▶ _INSTRUCTIONS FOR THE TASK_:
Images are to be left out when the records below are printed word for word.

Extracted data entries
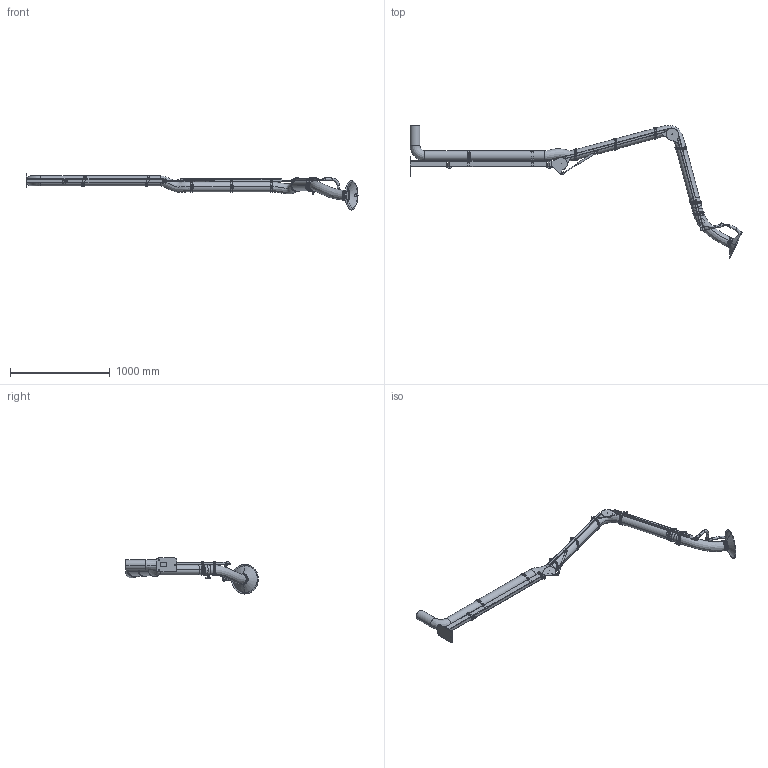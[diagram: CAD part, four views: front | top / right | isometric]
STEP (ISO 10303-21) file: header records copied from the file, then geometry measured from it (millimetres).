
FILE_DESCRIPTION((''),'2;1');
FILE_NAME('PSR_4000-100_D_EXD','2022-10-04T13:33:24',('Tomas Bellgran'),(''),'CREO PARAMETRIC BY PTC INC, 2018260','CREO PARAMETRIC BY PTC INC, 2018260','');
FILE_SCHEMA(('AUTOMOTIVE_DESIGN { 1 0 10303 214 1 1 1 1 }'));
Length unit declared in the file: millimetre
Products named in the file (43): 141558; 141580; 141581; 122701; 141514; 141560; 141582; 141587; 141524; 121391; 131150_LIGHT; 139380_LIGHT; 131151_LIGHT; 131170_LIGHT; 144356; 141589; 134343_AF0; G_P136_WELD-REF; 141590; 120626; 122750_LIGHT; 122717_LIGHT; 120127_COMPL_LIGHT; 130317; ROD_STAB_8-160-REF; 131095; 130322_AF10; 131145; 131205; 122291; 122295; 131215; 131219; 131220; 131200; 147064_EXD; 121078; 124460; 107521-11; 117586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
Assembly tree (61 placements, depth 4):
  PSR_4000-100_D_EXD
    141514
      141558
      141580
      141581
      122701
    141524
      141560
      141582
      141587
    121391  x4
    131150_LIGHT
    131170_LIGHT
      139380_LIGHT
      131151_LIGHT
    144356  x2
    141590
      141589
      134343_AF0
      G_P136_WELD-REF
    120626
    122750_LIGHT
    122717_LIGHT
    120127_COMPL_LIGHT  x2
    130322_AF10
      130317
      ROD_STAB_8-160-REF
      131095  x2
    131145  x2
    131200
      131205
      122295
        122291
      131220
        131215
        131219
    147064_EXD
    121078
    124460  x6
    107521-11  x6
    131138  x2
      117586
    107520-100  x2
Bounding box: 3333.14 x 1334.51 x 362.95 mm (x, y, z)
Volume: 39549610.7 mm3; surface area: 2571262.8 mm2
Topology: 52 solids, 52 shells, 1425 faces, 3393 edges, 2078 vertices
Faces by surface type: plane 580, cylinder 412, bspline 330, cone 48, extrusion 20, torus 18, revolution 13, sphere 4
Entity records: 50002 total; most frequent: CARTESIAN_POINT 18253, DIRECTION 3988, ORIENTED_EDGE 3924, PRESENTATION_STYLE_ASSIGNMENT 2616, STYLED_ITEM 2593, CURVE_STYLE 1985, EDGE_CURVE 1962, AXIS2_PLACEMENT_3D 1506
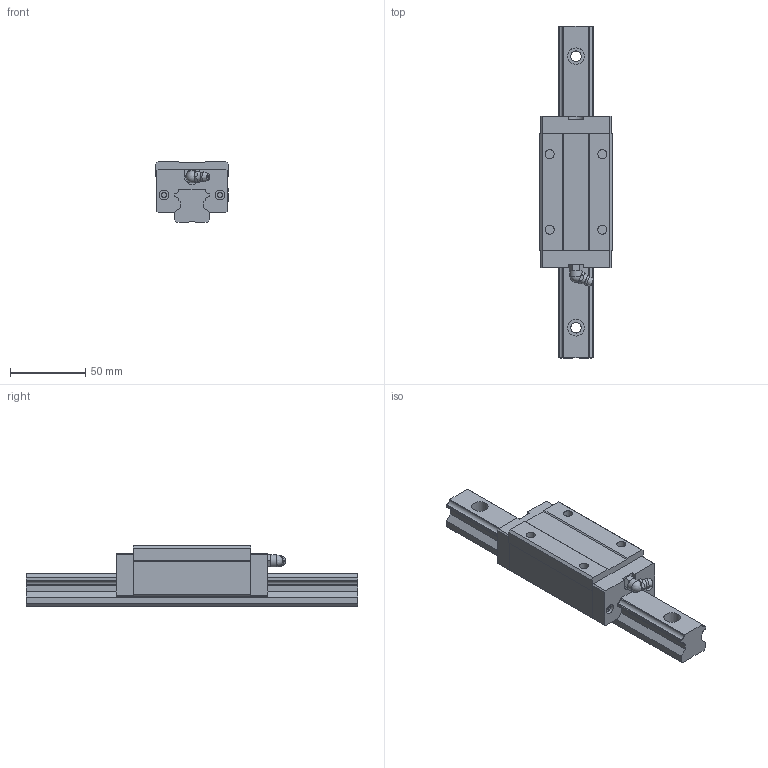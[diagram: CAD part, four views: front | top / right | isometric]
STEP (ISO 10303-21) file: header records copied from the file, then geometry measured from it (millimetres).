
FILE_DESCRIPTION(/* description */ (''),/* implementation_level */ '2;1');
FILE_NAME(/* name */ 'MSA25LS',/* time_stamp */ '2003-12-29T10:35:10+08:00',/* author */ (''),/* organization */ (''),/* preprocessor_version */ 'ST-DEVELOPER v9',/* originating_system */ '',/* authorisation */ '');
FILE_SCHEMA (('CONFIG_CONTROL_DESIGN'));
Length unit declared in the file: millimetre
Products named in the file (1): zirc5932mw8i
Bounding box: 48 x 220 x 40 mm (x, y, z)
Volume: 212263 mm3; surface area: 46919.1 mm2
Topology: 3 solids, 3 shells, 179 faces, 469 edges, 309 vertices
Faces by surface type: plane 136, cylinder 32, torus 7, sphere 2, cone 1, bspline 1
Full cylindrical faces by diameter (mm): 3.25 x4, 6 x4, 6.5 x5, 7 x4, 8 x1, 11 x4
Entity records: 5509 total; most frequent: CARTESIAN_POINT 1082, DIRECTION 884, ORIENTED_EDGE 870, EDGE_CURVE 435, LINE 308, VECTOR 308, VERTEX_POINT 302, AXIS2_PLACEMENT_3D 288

▶ _SOLUTION FOR THIS PROBLEM_:
[diagram: CAD part, four views: front | top / right | isometric]
STEP (ISO 10303-21) file: header records copied from the file, then geometry measured from it (millimetres).
FILE_DESCRIPTION((''),'2;1');
FILE_NAME('PSR_4000-100_D_EXD','2022-10-04T13:33:24',('Tomas Bellgran'),(''),'CREO PARAMETRIC BY PTC INC, 2018260','CREO PARAMETRIC BY PTC INC, 2018260','');
FILE_SCHEMA(('AUTOMOTIVE_DESIGN { 1 0 10303 214 1 1 1 1 }'));
Length unit declared in the file: millimetre
Products named in the file (43): 141558; 141580; 141581; 122701; 141514; 141560; 141582; 141587; 141524; 121391; 131150_LIGHT; 139380_LIGHT; 131151_LIGHT; 131170_LIGHT; 144356; 141589; 134343_AF0; G_P136_WELD-REF; 141590; 120626; 122750_LIGHT; 122717_LIGHT; 120127_COMPL_LIGHT; 130317; ROD_STAB_8-160-REF; 131095; 130322_AF10; 131145; 131205; 122291; 122295; 131215; 131219; 131220; 131200; 147064_EXD; 121078; 124460; 107521-11; 117586
Assembly tree (61 placements, depth 4):
  PSR_4000-100_D_EXD
    141514
      141558
      141580
      141581
      122701
    141524
      141560
      141582
      141587
    121391  x4
    131150_LIGHT
    131170_LIGHT
      139380_LIGHT
      131151_LIGHT
    144356  x2
    141590
      141589
      134343_AF0
      G_P136_WELD-REF
    120626
    122750_LIGHT
    122717_LIGHT
    120127_COMPL_LIGHT  x2
    130322_AF10
      130317
      ROD_STAB_8-160-REF
      131095  x2
    131145  x2
    131200
      131205
      122295
        122291
      131220
        131215
        131219
    147064_EXD
    121078
    124460  x6
    107521-11  x6
    131138  x2
      117586
    107520-100  x2
Bounding box: 3333.14 x 1334.51 x 362.95 mm (x, y, z)
Volume: 39549610.7 mm3; surface area: 2571262.8 mm2
Topology: 52 solids, 52 shells, 1425 faces, 3393 edges, 2078 vertices
Faces by surface type: plane 580, cylinder 412, bspline 330, cone 48, extrusion 20, torus 18, revolution 13, sphere 4
Entity records: 50002 total; most frequent: CARTESIAN_POINT 18253, DIRECTION 3988, ORIENTED_EDGE 3924, PRESENTATION_STYLE_ASSIGNMENT 2616, STYLED_ITEM 2593, CURVE_STYLE 1985, EDGE_CURVE 1962, AXIS2_PLACEMENT_3D 1506
[diagram: CAD part, four views: front | top / right | isometric]
STEP (ISO 10303-21) file: header records copied from the file, then geometry measured from it (millimetres).
FILE_DESCRIPTION(/* description */ (''),/* implementation_level */ '2;1');
FILE_NAME(/* name */ 'MSA25LS',/* time_stamp */ '2003-12-29T10:35:10+08:00',/* author */ (''),/* organization */ (''),/* preprocessor_version */ 'ST-DEVELOPER v9',/* originating_system */ '',/* authorisation */ '');
FILE_SCHEMA (('CONFIG_CONTROL_DESIGN'));
Length unit declared in the file: millimetre
Products named in the file (1): zirc5932mw8i
Bounding box: 48 x 220 x 40 mm (x, y, z)
Volume: 212263 mm3; surface area: 46919.1 mm2
Topology: 3 solids, 3 shells, 179 faces, 469 edges, 309 vertices
Faces by surface type: plane 136, cylinder 32, torus 7, sphere 2, cone 1, bspline 1
Full cylindrical faces by diameter (mm): 3.25 x4, 6 x4, 6.5 x5, 7 x4, 8 x1, 11 x4
Entity records: 5509 total; most frequent: CARTESIAN_POINT 1082, DIRECTION 884, ORIENTED_EDGE 870, EDGE_CURVE 435, LINE 308, VECTOR 308, VERTEX_POINT 302, AXIS2_PLACEMENT_3D 288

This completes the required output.